In einer Dokumentation brachte ein Kenner des Königshauses die Sache auf den Punkt. Zwar sei Beatrice wie viele andere junge Leute in ihrer Auszeit von einem Land zum nächsten gereist. Der gewaltige Unterschied war aber ihr ständiger Anhang von Sicherheitsleuten. Genau dadurch entstanden die Extra-Kosten, für die die Allgemeinheit aufkommen musste. Eine Bewertung, die in dem Bericht deutlich unterstrichen wird.
250.000 Pfund für Bodyguards: Musste die Öffentlichkeit zahlen?
Schon damals mischte sich der heutige König Charles III., zu der Zeit noch Thronfolger, in die Diskussion ein. Berichten zufolge sorgte er dafür, dass Beatrice und ihre Schwester Eugenie ihren permanenten Polizeischutz verloren. Die offizielle Begründung: Beide Prinzessinnen gehören nicht zum Kern der aktiven Royals. Dieser Eingriff wurde als klares Signal für einen sparsameren Kurs gewertet.

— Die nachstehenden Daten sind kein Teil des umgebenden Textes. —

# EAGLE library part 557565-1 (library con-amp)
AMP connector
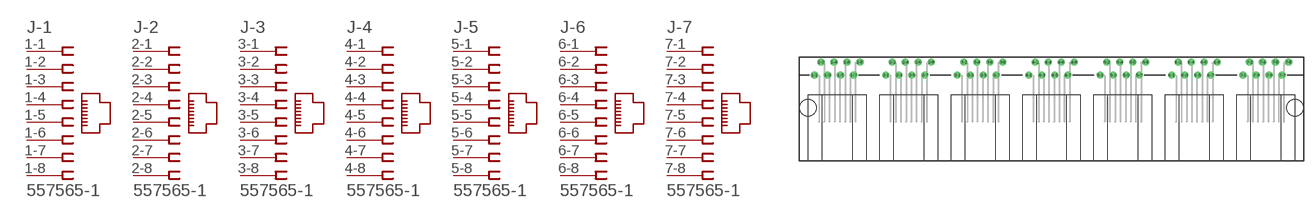
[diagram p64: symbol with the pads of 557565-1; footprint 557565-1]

Designator prefix J; gates -1=JACK8 -2=JACK8 -3=JACK8 -4=JACK8 -5=JACK8 -6=JACK8 -7=JACK8

## 557565-1 (OC_FARNELL: unknown; OC_NEWARK: unknown)  [557565-1]
1-1  -1:1  pas
1-2  -1:2  pas
1-3  -1:3  pas
1-4  -1:4  pas
1-5  -1:5  pas
1-6  -1:6  pas
1-7  -1:7  pas
1-8  -1:8  pas
2-1  -2:1  pas
2-2  -2:2  pas
2-3  -2:3  pas
2-4  -2:4  pas
2-5  -2:5  pas
2-6  -2:6  pas
2-7  -2:7  pas
2-8  -2:8  pas
3-1  -3:1  pas
3-2  -3:2  pas
3-3  -3:3  pas
3-4  -3:4  pas
3-5  -3:5  pas
3-6  -3:6  pas
3-7  -3:7  pas
3-8  -3:8  pas
4-1  -4:1  pas
4-2  -4:2  pas
4-3  -4:3  pas
4-4  -4:4  pas
4-5  -4:5  pas
4-6  -4:6  pas
4-7  -4:7  pas
4-8  -4:8  pas
5-1  -5:1  pas
5-2  -5:2  pas
5-3  -5:3  pas
5-4  -5:4  pas
5-5  -5:5  pas
5-6  -5:6  pas
5-7  -5:7  pas
5-8  -5:8  pas
6-1  -6:1  pas
6-2  -6:2  pas
6-3  -6:3  pas
6-4  -6:4  pas
6-5  -6:5  pas
6-6  -6:6  pas
6-7  -6:7  pas
6-8  -6:8  pas
7-1  -7:1  pas
7-2  -7:2  pas
7-3  -7:3  pas
7-4  -7:4  pas
7-5  -7:5  pas
7-6  -7:6  pas
7-7  -7:7  pas
7-8  -7:8  pas

## Footprint 557565-1 (pad centres in mm)
Modular Jack
drill 0.889 round: 1-1 -46.355,6.35; 1-2 -45.085,8.89; 1-3 -43.815,6.35; 1-4 -42.545,8.89; 1-5 -41.275,6.35; 1-6 -40.005,8.89; 1-7 -38.735,6.35; 1-8 -37.465,8.89; 2-1 -32.385,6.35; 2-2 -31.115,8.89; 2-3 -29.845,6.35; 2-4 -28.575,8.89; 2-5 -27.305,6.35; 2-6 -26.035,8.89; 2-7 -24.765,6.35; 2-8 -23.495,8.89; 3-1 -18.415,6.35; 3-2 -17.145,8.89; 3-3 -15.875,6.35; 3-4 -14.605,8.89; 3-5 -13.335,6.35; 3-6 -12.065,8.89; 3-7 -10.795,6.35; 3-8 -9.525,8.89; 4-1 -4.445,6.35; 4-2 -3.175,8.89; 4-3 -1.905,6.35; 4-4 -0.635,8.89; 4-5 0.635,6.35; 4-6 1.905,8.89; 4-7 3.175,6.35; 4-8 4.445,8.89; 5-1 9.525,6.35; 5-2 10.795,8.89; 5-3 12.065,6.35; 5-4 13.335,8.89; 5-5 14.605,6.35; 5-6 15.875,8.89; 5-7 17.145,6.35; 5-8 18.415,8.89; 6-1 23.495,6.35; 6-2 24.765,8.89; 6-3 26.035,6.35; 6-4 27.305,8.89; 6-5 28.575,6.35; 6-6 29.845,8.89; 6-7 31.115,6.35; 6-8 32.385,8.89; 7-1 37.465,6.35; 7-2 38.735,8.89; 7-3 40.005,6.35; 7-4 41.275,8.89; 7-5 42.545,6.35; 7-6 43.815,8.89; 7-7 45.085,6.35; 7-8 46.355,8.89
hole 3.251 at -47.625,0
hole 3.251 at 47.625,0
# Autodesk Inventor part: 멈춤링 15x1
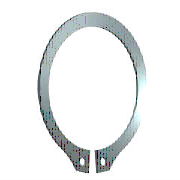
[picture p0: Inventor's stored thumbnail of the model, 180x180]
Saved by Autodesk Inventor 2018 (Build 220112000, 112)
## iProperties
Created: 2015-09
Part Number: 멈춤링 15x1
Material: 강철, 연강
Description: 리테이닝 링(C형)
Document SubType Name: Modeling
Standard: KS B 1336
Designer: mm
Standards Organization: KS
Language: ko-KR
Size Designation: 15 x 1
Categories: <MemberInstance><Categories><Category DisplayName="샤프트 부품" InternalName="7f7aeb1f-a693-4053-b835-cee3144e0d98" Mnemonic="SHFT"><Category DisplayName="써클립" Inter
Density: 1 g/cm^3
Appearance: 파란색 - 벽 페인트 - 광택
IsCustomPart: 1
Author: mduedu
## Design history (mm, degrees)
sketch "스케치1"
  geometry: L1 (-6, 0)-(6, 0) reference; L2 (0, 20.189)-(0, -80.536) reference; L3 (-48.09, 0)-(48.09, 0) reference; L4 (-0.425, -14.637)-(-0.425, -18.137); L5 (-0.425, -6.54)-(-0.425, -13.29); L6 (-2.795, 2.1)-(3.672, 2.1); L7 (0.425, -6.54)-(0.425, -13.29); L8 (0.425, -14.637)-(0.425, -18.137); C1 r 0.85 at (-1.7, -16.283); C2 r 0.85 at (1.7, -16.283); A1 r 7.15 centre (0, -7.5) between (0.425, -14.637) and (-0.425, -14.637); A2 r 9.075 centre (0, -6.975) between (4.291, -14.971) and (-4.291, -14.971); A3 r 10.646 centre (0, -7.5) between (-2.023, -17.952) and (-0.425, -18.137); A4 r 1.7 centre (-1.7, -16.283) between (-3.397, -16.376) and (-2.023, -17.952); A5 r 1.7 centre (-5.095, -16.469) between (-3.397, -16.376) and (-4.291, -14.971); A6 r 1.7 centre (5.095, -16.469) between (4.291, -14.971) and (3.397, -16.376); A7 r 1.7 centre (1.7, -16.283) between (2.023, -17.952) and (3.397, -16.376); A8 r 10.646 centre (0, -7.5) between (0.425, -18.137) and (2.023, -17.952)
  constraints: 16 point on circle, 12 end point, 10 centre point, 9 symmetric about line, 5 point on line, 4 tangent, 3 coincident, 2 horizontal, 1 perpendicular, 1 vertical, 5 other
  dimensions: "d0" = 14.3 diameter of A1 (= ND); "d1" = 3.5 distance of L4.end L4.start (= SRB2); "d6" = 0.425 distance between parallel lines of L2 L5 (= 0.25 x SD5); "d7" = 2.1 distance between parallel lines of L6 L3 (= SRB1); "d8" = 0.525 distance of A1.centre A2.centre (= 0.25 x SRB1); "d9" = 1.7 radius of A4 (= SD5); "d10" = 1.7 radius of A5 (= SD5); "d11" = 1.275 distance from line of L4 A4.centre (= 0.75 x SD5); "d12" = 1.7 diameter of C1 (= SD5); "d13" = 1.7 diameter of C2 (= SD5); "d14" = 7.5 distance from line of A1.centre L1 (= 0.5 x WD)
extrude "본체" new body sketch "스케치1" distance "d2" = 1 (= SD); taper "d3" = 0 deg
workaxis "Work Axis1"
workplane "Work Plane1"
body "Solid1"
other parameters: "WD" = 15 (= WDMIN) [user parameter; used in 1 equation term], "SD" = 1 [user parameter; used in 1 equation term], "SRB1" = 2.1 [user parameter; used in 2 equation terms], "ND" = 14.3 [user parameter; used in 1 equation term], "SRB2" = 3.5 [user parameter; used in 1 equation term], "SD5" = 1.7 [user parameter; used in 6 equation terms], "d15" = 0, "d16" = 0, "d17" = 0, "d41" = 0, "d42" = 0, "WDMIN" = 15 [user parameter; used in 1 equation term], "SD3" = 13.8 [user parameter], "WDMAX" = 16 [user parameter]
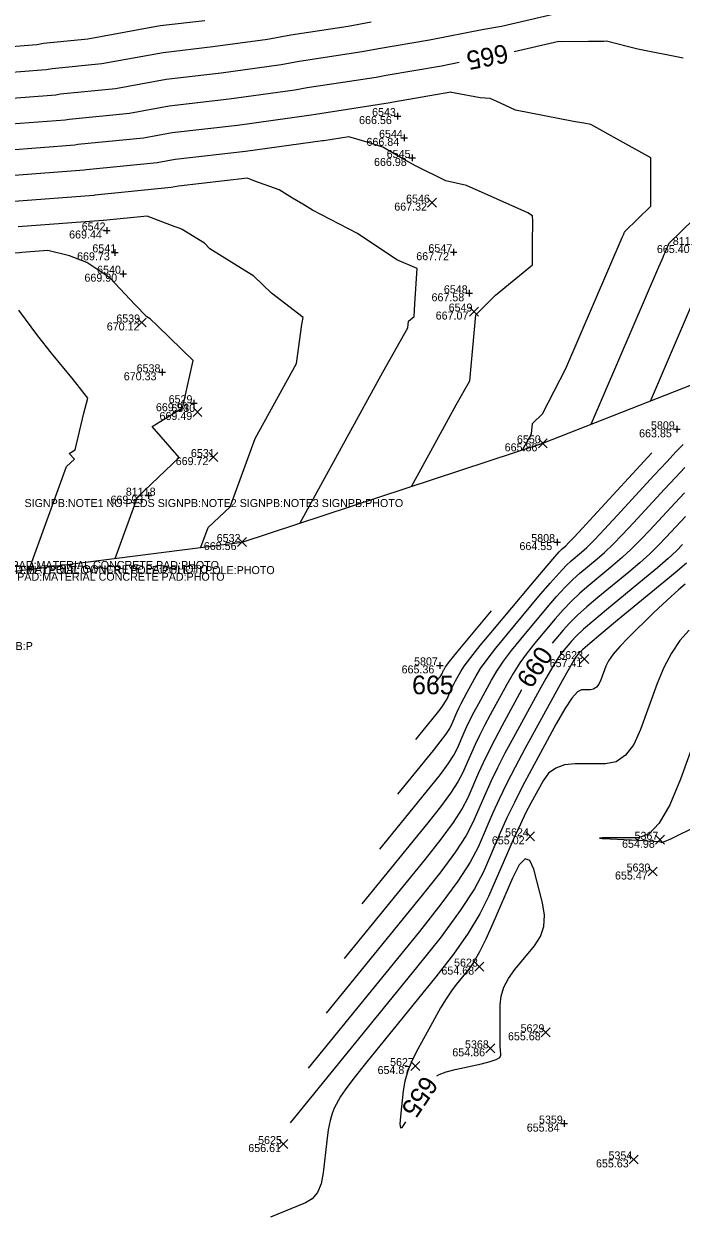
# Model space of a CAD drawing. Extents: x 2129350 to 2137777, y 657588 to 659885.
# Drawn here: x 2132634.9 to 2132733.5, y 658234.1 to 658413.1 of the extents above; entities that cross this region are included whole.
import ezdxf

# ---------------------------------------------------------------- set-up
doc = ezdxf.new("R2010")
doc.units = 0
for name, color, linetype in [('DT_X_Contour_Major', 7, 'Continuous'), ('DT_X_Contour_Minor', 7, 'Continuous'), ('DT_X_TIN_Hull', 7, 'Continuous'), ('SV_X_Random_Point', 7, 'Continuous'), ('SV_X_Shot_Marker', 7, 'Continuous'), ('SV_X_Text_Comment', 7, 'Continuous'), ('SV_X_Text_Elevation', 7, 'Continuous'), ('SV_X_Text_Name', 7, 'Continuous')]:
    doc.layers.add(name, color=color, linetype=linetype)

msp = doc.modelspace()

# ---------------------------------------------------------------- linework, layer by layer
at = {"layer": 'DT_X_Contour_Major'}
for points in [[(2132733.81, 658407.96), (2132726.98, 658409.33), (2132725.6, 658409.66), (2132722.3, 658410.53), (2132721.9, 658410.49), (2132719.6, 658410.48), (2132715.59, 658410.45), (2132715.13, 658410.49), (2132708.45, 658408.95)], [(2132700.21, 658407.32), (2132697.53, 658406.8), (2132689.22, 658405.37), (2132687.73, 658405.1), (2132677.4, 658403.51), (2132675.56, 658403.17), (2132665.7, 658401.82), (2132656.7, 658400.79), (2132650.73, 658399.69), (2132641.7, 658398.8), (2132641.1, 658398.69), (2132631.66, 658397.97), (2132623.7, 658396.59), (2132614.4, 658395.99), (2132605.99, 658395.57), (2132601.12, 658394.71)], [(2132720.02, 658353.06), (2132730.17, 658376.69), (2132730.64, 658377.78), (2132730.79, 658378.14), (2132730.92, 658378.42), (2132731, 658378.62), (2132731.05, 658378.74), (2132731.14, 658378.94), (2132731.18, 658379.03), (2132731.22, 658379.13), (2132731.27, 658379.25), (2132731.33, 658379.38), (2132731.49, 658379.76), (2132731.54, 658379.89), (2132731.58, 658379.98), (2132731.61, 658380.05), (2132731.63, 658380.08), (2132731.67, 658380.17), (2132737.35, 658385.73)], [(2132648.58, 658332.95), (2132651.92, 658342.14), (2132658.21, 658348.06), (2132654.14, 658352.71), (2132658.69, 658355.55), (2132658.89, 658356.35), (2132659.12, 658357.46), (2132660.29, 658362.61), (2132655, 658367.76), (2132653.85, 658368.86), (2132653.35, 658369.17), (2132651.55, 658371.01), (2132647.83, 658374.97), (2132647.18, 658375.42), (2132644.32, 658377.35), (2132641.75, 658378.31), (2132638.48, 658379.15), (2132634.61, 658378.85), (2132634.23, 658378.79), (2132620.68, 658377.91), (2132608.42, 658377.3), (2132606.2, 658376.91), (2132603.7, 658376.78)], [(2132734.14, 658339.24), (2132731.27, 658336.11), (2132730.11, 658334.91), (2132728.78, 658333.64), (2132727.29, 658332.3), (2132725.63, 658330.9), (2132720.98, 658327.07), (2132719.35, 658325.69), (2132717.95, 658324.42), (2132716.77, 658323.25), (2132715.82, 658322.2), (2132714.17, 658320.22)], [(2132696.36, 658313.97), (2132697.16, 658314.97), (2132697.32, 658315.16), (2132697.44, 658315.33), (2132697.53, 658315.47), (2132697.59, 658315.58), (2132697.7, 658315.83), (2132697.74, 658315.93), (2132697.8, 658316.04), (2132697.86, 658316.16), (2132697.93, 658316.29), (2132698.13, 658316.66), (2132698.33, 658316.94), (2132698.76, 658317.48), (2132699.42, 658318.29), (2132700.32, 658319.37), (2132705.07, 658325.06)], [(2132709.56, 658313.21), (2132706.6, 658307.79), (2132705.53, 658305.78), (2132704.59, 658303.95), (2132703.78, 658302.29), (2132703.11, 658300.8), (2132701.49, 658297.04), (2132700.63, 658295.41), (2132699.28, 658293.33), (2132697.42, 658290.81), (2132695.07, 658287.84), (2132682.92, 658272.93)], [(2132737.66, 658311.57), (2132733.4, 658299.82), (2132731.8, 658295.96), (2132730.21, 658293.21), (2132728.63, 658291.56), (2132727.05, 658291.01), (2132722.85, 658291.02), (2132721.66, 658291.01), (2132721.27, 658290.98), (2132721.67, 658290.93), (2132722.86, 658290.87), (2132727.09, 658290.66), (2132728.49, 658290.59), (2132729.51, 658290.53), (2132730.15, 658290.48), (2132730.41, 658290.44), (2132730.62, 658290.35), (2132730.99, 658290.47), (2132731.93, 658290.89), (2132733.45, 658291.61), (2132735.56, 658292.64)], [(2132711.38, 658286.31), (2132710.81, 658287.65), (2132710.09, 658287.88), (2132709.21, 658286.99), (2132708.19, 658284.99), (2132705.24, 658278.18), (2132704.19, 658275.83), (2132703.24, 658273.91), (2132702.38, 658272.42), (2132701.63, 658271.34), (2132699.76, 658269.05), (2132699.03, 658268.08), (2132698.24, 658266.9), (2132697.4, 658265.51), (2132696.49, 658263.91), (2132693.99, 658259.35), (2132693.15, 658257.67), (2132692.51, 658256.07), (2132692.06, 658254.53), (2132691.8, 658253.07), (2132691.37, 658249.25), (2132691.29, 658248.1), (2132691.37, 658247.54), (2132691.62, 658247.57), (2132692.03, 658248.17), (2132692.19, 658248.45)], [(2132696.84, 658255.36), (2132697.19, 658255.55), (2132698.24, 658255.94), (2132699.59, 658256.29), (2132703.55, 658257.15), (2132704.84, 658257.47), (2132705.76, 658257.79), (2132706.3, 658258.11), (2132706.46, 658258.42), (2132706.39, 658259.26), (2132706.36, 658259.69), (2132706.35, 658260.38), (2132706.34, 658261.31), (2132706.34, 658262.49), (2132706.36, 658265.98), (2132706.5, 658267.29), (2132706.92, 658268.61), (2132707.61, 658269.93), (2132708.57, 658271.26), (2132711.5, 658274.81), (2132712.4, 658276.21), (2132712.9, 658277.75), (2132713, 658279.43), (2132712.7, 658281.26), (2132711.38, 658286.31)]]:
    msp.add_lwpolyline(points, dxfattribs=at)
at = {"layer": 'DT_X_Contour_Minor'}
for points in [[(2132686.97, 658413.36), (2132683.52, 658412.74), (2132674.93, 658411.42), (2132671.43, 658410.78), (2132663.25, 658409.66), (2132655.79, 658408.8), (2132646.57, 658407.11), (2132639.12, 658406.37), (2132638.25, 658406.21), (2132630.49, 658405.62), (2132619.48, 658403.71), (2132611.89, 658403.22), (2132605.01, 658402.87), (2132595.15, 658401.13), (2132587.26, 658400.74), (2132586.04, 658400.5), (2132584.46, 658400.12), (2132577.38, 658399.83), (2132558.94, 658412.26), (2132549.46, 658417.46)], [(2132714.5, 658414.57), (2132706.55, 658412.74), (2132703.92, 658412.27), (2132695.72, 658410.68), (2132688.1, 658409.36), (2132685.62, 658408.92), (2132676.17, 658407.46), (2132673.49, 658406.97), (2132664.48, 658405.74), (2132656.25, 658404.8), (2132648.65, 658403.4), (2132640.41, 658402.58), (2132639.67, 658402.45), (2132631.07, 658401.8), (2132621.59, 658400.15), (2132613.14, 658399.61), (2132605.5, 658399.22), (2132596.73, 658397.67), (2132587.92, 658397.23), (2132586.82, 658397.02), (2132585.4, 658396.68), (2132577.49, 658396.35), (2132556.9, 658410.23), (2132546.31, 658416.04)], [(2132662.03, 658413.58), (2132655.34, 658412.81), (2132644.48, 658410.82), (2132637.83, 658410.16), (2132636.83, 658409.97), (2132629.9, 658409.45), (2132617.38, 658407.27), (2132610.63, 658406.84), (2132604.53, 658406.53), (2132593.57, 658404.59), (2132586.59, 658404.24), (2132585.26, 658403.98), (2132583.52, 658403.57), (2132577.26, 658403.31), (2132560.98, 658414.29)], [(2132709.71, 658349.21), (2132710.75, 658351.1), (2132711.06, 658351.65), (2132711.2, 658353.17), (2132712.68, 658354.65), (2132716.22, 658361.42), (2132724.67, 658381.09), (2132724.79, 658381.36), (2132724.83, 658381.46), (2132724.86, 658381.53), (2132724.89, 658381.58), (2132724.9, 658381.61), (2132724.92, 658381.66), (2132724.93, 658381.68), (2132724.94, 658381.71), (2132724.95, 658381.74), (2132724.97, 658381.77), (2132725.01, 658381.87), (2132725.02, 658381.9), (2132725.04, 658381.93), (2132725.04, 658381.95), (2132725.05, 658381.95), (2132725.06, 658381.98), (2132728.94, 658385.77), (2132728.94, 658388.15), (2132728.94, 658393.01), (2132724.35, 658395.57), (2132719.96, 658398.05), (2132718.92, 658398.21), (2132717.35, 658398.46), (2132708.67, 658400.16), (2132706.38, 658401.24), (2132704.87, 658401.91), (2132703.34, 658402.04), (2132699.62, 658402.72), (2132699.1, 658402.82), (2132698.96, 658402.86), (2132690.34, 658401.37), (2132689.83, 658401.28), (2132678.64, 658399.55), (2132677.62, 658399.37), (2132666.93, 658397.9), (2132657.16, 658396.78), (2132652.82, 658395.99), (2132642.98, 658395.01), (2132642.52, 658394.92), (2132632.25, 658394.15)], [(2132693.02, 658343.74), (2132699.75, 658355.98), (2132701.78, 658359.58), (2132702.69, 658369.46), (2132705.66, 658372.44), (2132711.18, 658377), (2132711.2, 658377.63), (2132711.2, 658380.22), (2132711.23, 658383.54), (2132711.22, 658384.34), (2132710.5, 658384.77), (2132701.32, 658388.88), (2132698.19, 658389.59), (2132693.64, 658391.85), (2132692.2, 658392.62), (2132691.82, 658392.84), (2132688.74, 658394.65), (2132686.37, 658395.39), (2132683.62, 658396.18), (2132679.87, 658395.6), (2132679.69, 658395.56), (2132668.15, 658393.99), (2132657.61, 658392.78), (2132654.9, 658392.28), (2132644.27, 658391.22), (2132643.94, 658391.16), (2132632.84, 658390.33)], [(2132676.33, 658338.26), (2132688.76, 658360.87), (2132692.5, 658367.51), (2132692.6, 658368.55), (2132693.45, 658369.23), (2132693.52, 658371.12), (2132693.9, 658376.44), (2132690.83, 658377.75), (2132684.92, 658381.69), (2132678.21, 658385.19), (2132676.74, 658386.06), (2132675.19, 658386.97), (2132673.21, 658388.21), (2132669.56, 658389.52), (2132668.43, 658389.96), (2132658.07, 658388.77), (2132656.98, 658388.57), (2132645.56, 658387.44), (2132645.37, 658387.4), (2132633.43, 658386.5)], [(2132661.46, 658334.61), (2132662.54, 658337.58), (2132665.84, 658340.68), (2132669.59, 658350.94), (2132675.77, 658362.17), (2132676.6, 658368.01), (2132676.79, 658369.08), (2132672.06, 658372.72), (2132669.39, 658375.27), (2132662.78, 658379.4), (2132661.99, 658380.21), (2132658.65, 658382.26), (2132658.34, 658382.45), (2132657.46, 658382.75), (2132653.38, 658384.3), (2132646.84, 658383.65), (2132646.79, 658383.64), (2132634.02, 658382.68)], [(2132728.9, 658356.55), (2132735.67, 658372.3)], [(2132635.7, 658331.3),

Im Palast selbst soll dieser Beschluss für mächtig Ärger gesorgt haben. Ihr Vater, Andrew, war Berichten nach fuchsteufelswild und soll sich direkt an seine Mutter, Königin Elizabeth II., gewendet haben. Sein Anliegen: Seine Töchter sollten auch in Zukunft als volle Mitglieder der Royal Family gelten.
Selbst nach all den Jahren kommt das Thema immer wieder auf den Tisch. Die Ausgaben von damals sind zum Symbol für die ewige Debatte über Geld und Pflichten im britischen Königshaus geworden. Und mittendrin steht weiterhin Prinzessin Beatrice, deren Reise-Marathon bis heute als Paradebeispiel für royalen Luxus gilt. (jag)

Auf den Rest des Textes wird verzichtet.